■ WORK TO COMPLETE
A picture-free, exact transcript of the entries below is required.
------------------------------
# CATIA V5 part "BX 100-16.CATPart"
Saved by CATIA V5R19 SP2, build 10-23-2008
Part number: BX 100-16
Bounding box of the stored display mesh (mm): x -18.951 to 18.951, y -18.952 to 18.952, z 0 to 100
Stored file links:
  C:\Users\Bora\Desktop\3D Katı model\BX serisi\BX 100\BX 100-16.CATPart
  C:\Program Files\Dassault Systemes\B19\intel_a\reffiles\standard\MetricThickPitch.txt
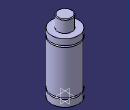
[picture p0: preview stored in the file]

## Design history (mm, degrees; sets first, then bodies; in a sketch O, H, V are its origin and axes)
Body1 (main body)
  Sketch1 on yz-plane, origin (0, 0, 0), H (0, 1, 0), V (0, 0, 1)
    point P2 (19, 74.5)
    point P4 (10, 99)
    point P6 (10, 99)
    point P8 (19, 74.5)
    point P9 (19, 72.5)
    point P10 (19, 72.5)
    point P11 (19, 11.5)
    point P12 (19, 11.5)
    point P13 (19, 9.5)
    point P14 (19, 9.5)
    line L1 (19, 83) -> (19, 74.5)
    line L2 (10, 99) -> (10, 83)
    arc A1 centre (9, 99) radius 1 from (10, 99) to (9, 100) ccw
    arc A2 centre (19, 73.5) radius 1 from (19, 74.5) to (19, 72.5) ccw
    line L3 (19, 72.5) -> (19, 11.5)
    arc A3 centre (19, 10.5) radius 1 from (19, 11.5) to (19, 9.5) ccw
    line L4 (19, 9.5) -> (19, 0)
    line L5 (0, 100) -> (9, 100)
    line L6 (10, 83) -> (19, 83)
    line L7 (0, 0) -> (19, 0)
    horizontal: L5 H, L6 H, L7 H
    coincidence: P2 P8, P4 P6, P9 P10, P11 P12, P13 P14
  Shaft1: profile Sketch1, axis Sketch1.V, angle 360
  Sketch2 on face of Shaft1 from Sketch1.L7, origin (0, 0, 0), H (1, 0, 0), V (0, -1, 0)
    point P1 (9, 0)
    distance P1 V = 9
  Hole1: placed by Sketch2, at (9, 0, 0) direction (0, 0, 1), diameter 4.917, depth 6, threaded "M6", thread diameter 6, thread depth 6, pitch 1
  Sketch3 on face of Shaft1 from Sketch1.L7, origin (0, 0, 0), H (1, 0, 0), V (0, -1, 0)
    point P1 (-9, 0)
    distance P1 V = 9
  Hole2: placed by Sketch3, at (-9, 0, 0) direction (0, 0, 1), diameter 4.917, depth 6, threaded "M6", thread diameter 6, thread depth 6, pitch 1
------------------------------
■ YOUR RESPONSE
# CATIA V5 part "BX 100-16.CATPart"
Saved by CATIA V5R19 SP2, build 10-23-2008
Part number: BX 100-16
Bounding box of the stored display mesh (mm): x -18.951 to 18.951, y -18.952 to 18.952, z 0 to 100
Stored file links:
  C:\Users\Bora\Desktop\3D Katı model\BX serisi\BX 100\BX 100-16.CATPart
  C:\Program Files\Dassault Systemes\B19\intel_a\reffiles\standard\MetricThickPitch.txt
[picture p0: preview stored in the file]

## Design history (mm, degrees; sets first, then bodies; in a sketch O, H, V are its origin and axes)
Body1 (main body)
  Sketch1 on yz-plane, origin (0, 0, 0), H (0, 1, 0), V (0, 0, 1)
    point P2 (19, 74.5)
    point P4 (10, 99)
    point P6 (10, 99)
    point P8 (19, 74.5)
    point P9 (19, 72.5)
    point P10 (19, 72.5)
    point P11 (19, 11.5)
    point P12 (19, 11.5)
    point P13 (19, 9.5)
    point P14 (19, 9.5)
    line L1 (19, 83) -> (19, 74.5)
    line L2 (10, 99) -> (10, 83)
    arc A1 centre (9, 99) radius 1 from (10, 99) to (9, 100) ccw
    arc A2 centre (19, 73.5) radius 1 from (19, 74.5) to (19, 72.5) ccw
    line L3 (19, 72.5) -> (19, 11.5)
    arc A3 centre (19, 10.5) radius 1 from (19, 11.5) to (19, 9.5) ccw
    line L4 (19, 9.5) -> (19, 0)
    line L5 (0, 100) -> (9, 100)
    line L6 (10, 83) -> (19, 83)
    line L7 (0, 0) -> (19, 0)
    horizontal: L5 H, L6 H, L7 H
    coincidence: P2 P8, P4 P6, P9 P10, P11 P12, P13 P14
  Shaft1: profile Sketch1, axis Sketch1.V, angle 360
  Sketch2 on face of Shaft1 from Sketch1.L7, origin (0, 0, 0), H (1, 0, 0), V (0, -1, 0)
    point P1 (9, 0)
    distance P1 V = 9
  Hole1: placed by Sketch2, at (9, 0, 0) direction (0, 0, 1), diameter 4.917, depth 6, threaded "M6", thread diameter 6, thread depth 6, pitch 1
  Sketch3 on face of Shaft1 from Sketch1.L7, origin (0, 0, 0), H (1, 0, 0), V (0, -1, 0)
    point P1 (-9, 0)
    distance P1 V = 9
  Hole2: placed by Sketch3, at (-9, 0, 0) direction (0, 0, 1), diameter 4.917, depth 6, threaded "M6", thread diameter 6, thread depth 6, pitch 1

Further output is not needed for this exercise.